I don't know how C#, but Rust async/await doesn't allocate anything on the heap ...

evntdrvn · on May 21, 2023

For C#, you might want to try a different version with ValueTask instead of Task. It’s more memory-friendly.

It would also be interesting to try Native AOT compiling both versions…

noveltyaccount · on May 21, 2023

+1 to Native AOT, I'd love to see the data. Pretty easy to do, add a line of XML to the csproj and a modified `dotnet publish` command.

https://learn.microsoft.com/en-us/dotnet/core/deploying/nati...

cyberax · on May 22, 2023

Just tried it. No difference whatsoever.

neonsunset · on May 21, 2023

NativeAOT will have negligible impact on memory usage or performance here. JIT performance on average is higher than NAOT.

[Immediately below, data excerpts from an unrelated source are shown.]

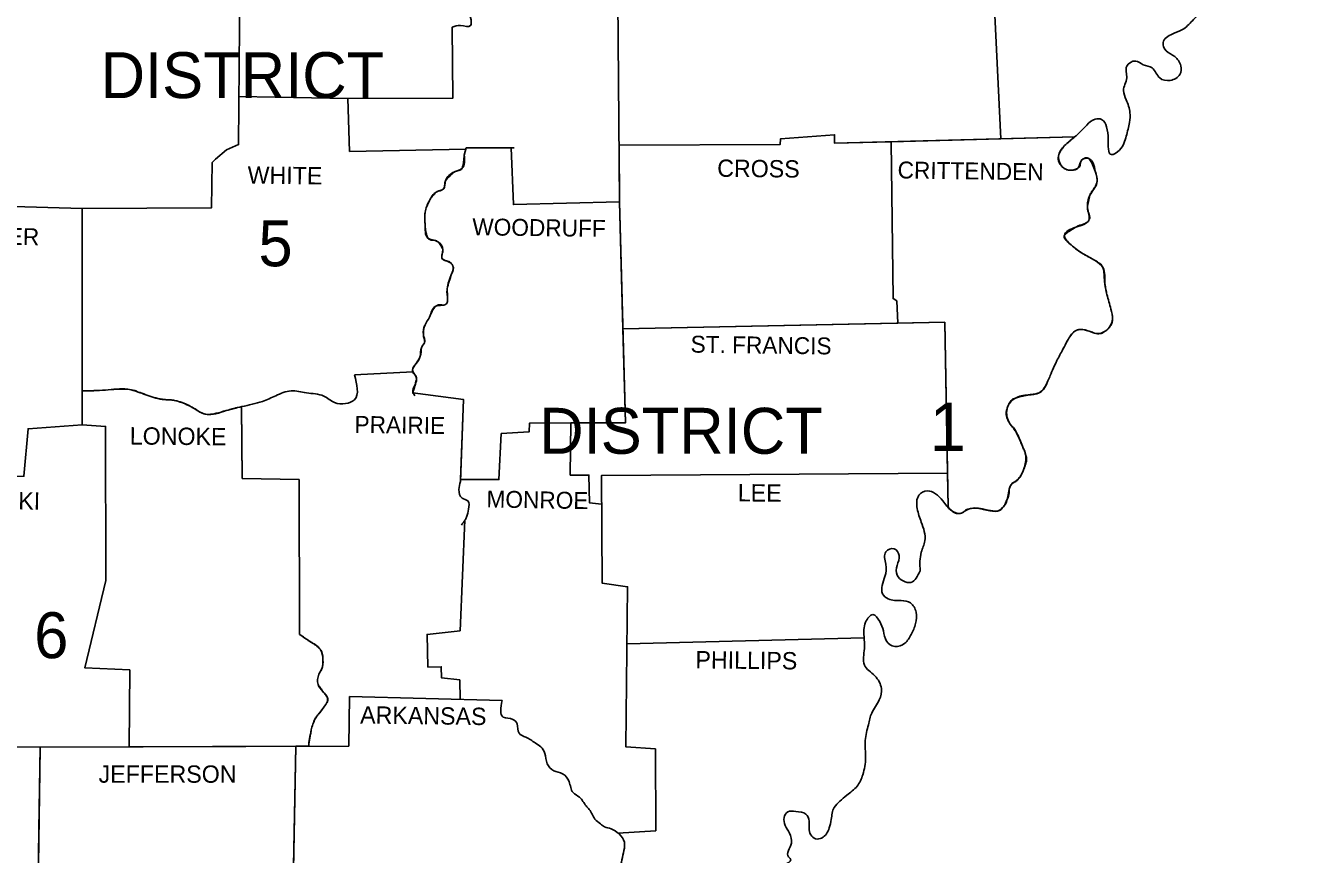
# Model space of a CAD drawing. Extents: x -24122 to 24238, y -8840 to 11381.
# Drawn here: x 13643 to 16747, y 7032 to 9043 of the extents above; entities that cross this region are included whole.
import ezdxf

# ---------------------------------------------------------------- set-up
doc = ezdxf.new("R2010")
doc.units = 0
for name, color, linetype in [('R_Annotation', 7, 'Continuous'), ('R_Border', 7, 'Continuous'), ('R_Grid', 7, 'Continuous'), ('S_AREA_CALC', 7, 'Continuous')]:
    doc.layers.add(name, color=color, linetype=linetype)

msp = doc.modelspace()

# ---------------------------------------------------------------- linework, layer by layer
at = {"layer": 'R_Annotation'}
for p, q in [((15082.5, 8752.4), (15083.6, 8615.5)), ((15747, 8380.6), (15742.1, 8761.1)), ((15083.6, 8615.5), (15092.1, 8307.2)), ((15092.1, 8307.2), (15083.6, 8615.5)), ((15092.1, 8307.2), (15758.9, 8320.6)), ((15758.9, 8320.6), (15872.2, 8322.9)), ((14581.7, 8202.5), (14582.7, 8202.6)), ((13894.8, 7292.5), (14299.1, 7294.1)), ((14291.1, 6910.1), (14299.1, 7294.1)), ((14299.1, 7294.1), (14329.5, 7294.2))]:
    msp.add_line(p, q, dxfattribs=at)
for points in [[(15742.1, 8761.1), (15605.1, 8757.3), (15605.1, 8777.9), (15474, 8768.1), (15473.1, 8754.4), (15082.5, 8752.4)], [(16188, 8773.3), (16008.6, 8768.4), (15742.1, 8761.1)], [(15742.1, 8761.1), (15747, 8380.6), (15755.8, 8374.8), (15758.9, 8320.6)], [(16188, 8773.3), (16188, 8773.3)], [(14711.9, 8746.6), (14710.8, 8742.8), (14707, 8728.9)], [(14821.2, 8746.6), (14821.2, 8746.6), (14711.9, 8746.6)], [(15083.6, 8615.5), (14826.3, 8608.6), (14821.2, 8746.6)], [(15758.9, 8320.6), (15755.8, 8374.8), (15747, 8380.6)], [(15872.2, 8322.9), (15878.9, 7957), (15880.4, 7874.8)], [(14698.3, 7941.3), (14791.1, 7941.3), (14797, 8052.9), (14864.5, 8056.8), (14865.5, 8078.3), (14965.3, 8078.7), (15098.3, 8079.3), (15092.1, 8307.2)], [(14582.7, 8202.6), (14581.8, 8202.2)], [(13780.4, 8156.5), (13780.4, 8156.5), (13780.4, 8074.4)], [(14582.7, 8151.7), (14705, 8136), (14698.3, 7941.3)], [(14307.8, 7565.6), (14306.8, 7941.3), (14168.8, 7944.3), (14166.9, 8118.2)], [(13419.4, 7948.2), (13639.5, 7949.2), (13649.3, 8064.6), (13780.4, 8074.4)], [(13780.4, 8074.4), (13837.2, 8070.5), (13838.1, 7696.7), (13787.3, 7484.4), (13895.9, 7479.5), (13894.8, 7292.5)], [(13780.4, 8074.4), (13837.2, 8070.5), (13838.1, 7696.7), (13787.3, 7484.4), (13895.9, 7479.5), (13894.8, 7292.5)], [(14698.3, 7941.3), (14698.3, 7941.3)], [(14299.1, 7294.1), (13894.8, 7292.5), (13678.7, 7291.7)], [(13678.7, 7291.7), (13675.7, 7092.1), (13672.8, 6894.4), (13650.3, 6893.5)], [(13894.8, 7292.5), (13678.7, 7291.7)]]:
    msp.add_lwpolyline(points, dxfattribs=at)
for points in [[(16237.2, 8689.8), (16230.8, 8705.9), (16226.6, 8713.3), (16224.2, 8716.8), (16221.5, 8720.1), (16218, 8722), (16213.3, 8721.7), (16208.6, 8719.8), (16204.9, 8717.2), (16202.4, 8712.8), (16201.1, 8707.3), (16199.6, 8701.9), (16196.1, 8697.6), (16191.9, 8695.2), (16187.8, 8693.4), (16183.6, 8692.2), (16179.5, 8691.8), (16174.1, 8692), (16168.7, 8693.2), (16163.3, 8695.6), (16157.9, 8699.6), (16156.2, 8701.3), (16154.6, 8703.1), (16151.8, 8706.9), (16148.4, 8714.8), (16147.5, 8722.7), (16149.1, 8729.9), (16152.2, 8736.3), (16156.1, 8742.7), (16165.8, 8754.4), (16176.9, 8764.1), (16188, 8773.3)], [(14707, 8728.9), (14706.4, 8720.8), (14705.6, 8712.7), (14704.3, 8704.6), (14703.3, 8700.6), (14702.7, 8698.6), (14702.1, 8696.7), (14698.9, 8693.1), (14693.9, 8691.3), (14688.3, 8690.1), (14685.7, 8689.2), (14683.5, 8687.9), (14672, 8677.8), (14662, 8666.3), (14660.1, 8661.7), (14659.7, 8656.4), (14659.1, 8651.2), (14657.1, 8646.8), (14655.3, 8645.3), (14653.2, 8644.2), (14648.4, 8642.8), (14643.5, 8641.4), (14639.4, 8638.9), (14634.8, 8634.3), (14630.5, 8629.4), (14626.4, 8624.1), (14622.8, 8618.4), (14616.1, 8604.5), (14612.1, 8590), (14611.3, 8575.4), (14612.1, 8560.7), (14612.7, 8552.2), (14613.9, 8543.8), (14615.8, 8535.6), (14617.2, 8531.5), (14618.9, 8527.4), (14623.5, 8523.5), (14630.3, 8522.4), (14637.5, 8521.6), (14643.4, 8518.6), (14645.3, 8516.4), (14647.1, 8514.1), (14650.3, 8509.3), (14655.1, 8499), (14655.4, 8494), (14653.9, 8488.6), (14652.6, 8483.3), (14653.1, 8478.5), (14657.7, 8474.2), (14664.5, 8471.8), (14671.5, 8469.4), (14676.6, 8464.8), (14678.3, 8461.9), (14679.8, 8458.9), (14680.7, 8456), (14680.5, 8453), (14676.6, 8440.3), (14665.9, 8404.1), (14665.1, 8398.1), (14665.6, 8392), (14666.5, 8385.8), (14666.8, 8379.7), (14666.4, 8374.2), (14665.8, 8371.5), (14664.9, 8368.9), (14659.8, 8365.2), (14652, 8365.1), (14644, 8365.2), (14638.5, 8362), (14622.8, 8335.6), (14612.1, 8317), (14610.7, 8314), (14608.7, 8304.9), (14608.3, 8298.7), (14608.1, 8292.6), (14608.6, 8288.2), (14609.8, 8283.8), (14611, 8279.4), (14611.1, 8275), (14609.7, 8271.3), (14607.4, 8268), (14604.9, 8264.7), (14603.2, 8261.3), (14602.5, 8256.2), (14602.3, 8250.9), (14601.9, 8245.6), (14600.3, 8240.7), (14590.5, 8223.1), (14581.7, 8206.5), (14581.7, 8202.5)], [(16077.6, 8147.3), (16089.5, 8148.8), (16101.2, 8151.7), (16103.3, 8152.7), (16105.3, 8153.9), (16108.8, 8156.7), (16114.5, 8164), (16118.9, 8172.4), (16122.7, 8181), (16133.5, 8206.5), (16144.2, 8230), (16158.9, 8257.4), (16173.6, 8284.8), (16182.1, 8296.5), (16194.1, 8304.3), (16197.2, 8305.1), (16200.4, 8305.5), (16206.9, 8305.1), (16219.6, 8302.4), (16225, 8300.8), (16230.3, 8298.8), (16235.7, 8296.8), (16241.1, 8295.5), (16246.2, 8295.3), (16251.4, 8296.1), (16256.5, 8298.1), (16261.6, 8301.4), (16265.5, 8304.6), (16269, 8308), (16274.7, 8315.1), (16278.2, 8322.6), (16279.3, 8330.7), (16278.9, 8336.9), (16278, 8343), (16275.3, 8355.2), (16265.6, 8390.4), (16263, 8403.1), (16260.7, 8415.9), (16259.5, 8425.9), (16259, 8436), (16258.1, 8446), (16255.8, 8456), (16254.5, 8458.8), (16252.7, 8461.4), (16248.1, 8465.7), (16237.2, 8472.6), (16229.9, 8476.9), (16222.5, 8480.9), (16215.1, 8484.9), (16207.8, 8489.2), (16192.9, 8499.4), (16178.5, 8510.8), (16166, 8522.5), (16162.2, 8528.8), (16162.8, 8534.2), (16165.3, 8537), (16168.2, 8539.6), (16175.1, 8544.5), (16182.7, 8549.2), (16190.2, 8553.8), (16194.1, 8555.9), (16198.2, 8557.6), (16206.6, 8560.4), (16214.6, 8564.1), (16221.5, 8570.4), (16222.6, 8572.2), (16223.4, 8574.1), (16223.9, 8577.8), (16222.2, 8585.4), (16219.5, 8593.2), (16218.6, 8600.8), (16220.9, 8616), (16224.5, 8631.1), (16228.1, 8639.1), (16233.2, 8646.4), (16238, 8653.7), (16241.1, 8661.4), (16237.2, 8689.8)], [(14581.8, 8202.2), (14584.4, 8198.4), (14587.9, 8194.6), (14590.7, 8190.8), (14591.5, 8186.9), (14590.1, 8180.1), (14588.6, 8173.2), (14587.1, 8167.8), (14585.3, 8162.4), (14582.7, 8151.7)], [(14166.9, 8118.2), (14129.7, 8108.6), (14117.5, 8105.3), (14105.2, 8102.1), (14086.8, 8099.6), (14080.8, 8099.8), (14078.2, 8100.2), (14075.7, 8100.9), (14061.5, 8108.1), (14052.2, 8114.2), (14047.5, 8117), (14042.6, 8119.4), (14010.3, 8132.1), (13999, 8134.3), (13987.3, 8135.1), (13975.7, 8135.8), (13970, 8136.6), (13964.3, 8138), (13925.2, 8150.7), (13921, 8152.2), (13916.7, 8153.8), (13908.3, 8157.1), (13891, 8160.5), (13837.2, 8158.5), (13780.4, 8156.5)], [(14329.5, 7294.2), (14332.6, 7314), (14334.3, 7323.9), (14336.1, 7333.7), (14340.1, 7347.7), (14342.8, 7354.5), (14345.9, 7361.1), (14347.8, 7364.5), (14350, 7367.6), (14354.8, 7373.5), (14359.9, 7379.3), (14362.3, 7382.4), (14364.5, 7385.6), (14366.7, 7388.8), (14369, 7392.1), (14373.5, 7399), (14376.2, 7405.7), (14375.3, 7412), (14374.7, 7412.9), (14374.2, 7413.9), (14370.2, 7419.4), (14367.3, 7423), (14364.5, 7426.7), (14358.5, 7435.4), (14355.5, 7439.8), (14354.1, 7442), (14352.8, 7444.3), (14351.3, 7456.3), (14352.8, 7462.7), (14354.7, 7468.8), (14356.5, 7472.7), (14358.7, 7476.5), (14360.9, 7480.3), (14362.6, 7484.4), (14363.6, 7489), (14364.3, 7493.7), (14364.5, 7498.4), (14364.5, 7503), (14364.4, 7506.4), (14364.3, 7509.9), (14363.5, 7516.7), (14361.6, 7523.3), (14357.7, 7529.4), (14356.2, 7531.1), (14354.6, 7532.6), (14351.6, 7535.4), (14345.3, 7540.3), (14338.8, 7544.6), (14332.2, 7549), (14307.8, 7565.6)]]:
    msp.add_spline(points, degree=3, dxfattribs=at)
msp.add_open_spline([(15880.4, 7874.8), (15883.1, 7871.8), (15885.8, 7868.9), (15888.9, 7866), (15894.4, 7860.8), (15902.9, 7858.4), (15909.4, 7859.1), (15916.4, 7859.9), (15922.4, 7868.4), (15930, 7869.9), (15937, 7871.3), (15944.4, 7872.8), (15951.5, 7871.9), (15960, 7870.8), (15968.4, 7868.3), (15976.9, 7867), (15984.7, 7865.7), (15992.6, 7864.4), (16000.4, 7865), (16005.1, 7865.4), (16008.9, 7868.9), (16012.2, 7872.8), (16018.3, 7880.3), (16021.5, 7888.1), (16024.9, 7896.3), (16029, 7906.3), (16027.5, 7918.2), (16032.7, 7927.6), (16036.4, 7934.3), (16045.7, 7936.1), (16050.3, 7942.3), (16055.9, 7949.9), (16060.6, 7957.7), (16064, 7966.8), (16068.1, 7977.6), (16071.9, 7989.4), (16068.9, 8000), (16066.4, 8008.9), (16062.8, 8017.7), (16059.1, 8026.5), (16054.7, 8036.8), (16050.2, 8046.8), (16045.4, 8056.8), (16041.1, 8065.8), (16032.7, 8072.5), (16027.8, 8081.2), (16021.9, 8091.7), (16020.4, 8106.1), (16024.9, 8117.4), (16028.4, 8126.3), (16034.3, 8135.7), (16043.5, 8139), (16053.8, 8142.7), (16064.3, 8144.5), (16074.8, 8146.8), (16075.7, 8147), (16076.7, 8147.2), (16077.6, 8147.3)], degree=3, dxfattribs=at)
at = {"layer": 'S_AREA_CALC'}
msp.add_line((14711.9, 8746.6), (14828.3, 8746.6), dxfattribs=at)
for points in [[(13715.8, 10314.9), (13717.8, 10076.2), (13701.2, 10075.2), (13704.1, 9831.6), (13635.6, 9821.8), (13641.5, 9756.3), (13665, 9725.9), (13663, 9648.7), (13529.9, 9643.8), (13525, 9524.4), (13403.7, 9520.5), (13397.9, 9375.7), (13404.7, 9363.9), (13407.6, 9133), (13617, 9119.3), (13614.1, 8603.7), (13780.4, 8598.8), (13780.4, 8074.4), (13649.3, 8064.6), (13639.5, 7949.2), (13419.4, 7948.2)], [(14615, 10322.8), (14612.1, 10299.3), (14631.6, 10296.4), (14630.6, 10284.6), (14653.1, 10279.7), (14655.1, 10264.1), (14665.9, 10257.2), (14668.8, 10210.3), (14724.6, 10204.4), (14724.6, 10162.3), (14745.1, 10159.4), (14745.1, 10142.7), (14762.7, 10137.9), (14761.8, 10081.1), (14777.4, 10078.2), (14781.3, 9950), (14698.2, 9942.2), (14699.1, 9914.8), (14673.7, 9913.8), (14682.5, 9408.9), (15076.8, 9400.1), (15083.6, 8615.5), (14826.3, 8608.6), (14821.2, 8746.6)], [(15971.8, 9598.7), (15988.7, 9169.2), (16008.6, 8768.4)], [(13617, 9119.3), (14119.9, 9116.4), (14163, 9136.9), (14160, 8754.4), (14130.7, 8741.7), (14104.3, 8719.2), (14095.5, 8710.4), (14094.5, 8600.8), (13780.4, 8598.8)], [(14677.6, 9039.1), (14679.6, 8866.9), (14425.2, 8865.9), (14160.9, 8870.9)], [(14425.2, 8865.9), (14429.1, 8737.8), (14710.8, 8742.8)], [(15082.5, 8752.4), (15473.1, 8754.4), (15474, 8768.1), (15605.1, 8777.9), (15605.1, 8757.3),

noveltyaccount · on May 27, 2023

Yeah and I think NAOT still embeds the same(?) runtime GC into the native binary. So, for memory usage, I would expect it to be nearly/exactly the same.

ygra · on May 22, 2023

I may remember wrongly here, but wasn't ValueTask merely the go-to option when it's expected that the task would finish synchronously most of the time? I think for the really async case with a state machine you just end up boxing the ValueTask and ending up with pretty much the same allocations as Task, just in a slightly different way.

evntdrvn · on May 22, 2023

Check out this article: https://devblogs.microsoft.com/dotnet/async-valuetask-poolin...

cyberax · on May 22, 2023

There is no magic.

Rust also has to allocate (box) when you need recursive async calls: https://rust-lang.github.io/async-book/07_workarounds/04_rec...

What Rust does, it allows to remove one layer of allocations by using Future to store the contents of the state machine (basically, the stack frame of the async function).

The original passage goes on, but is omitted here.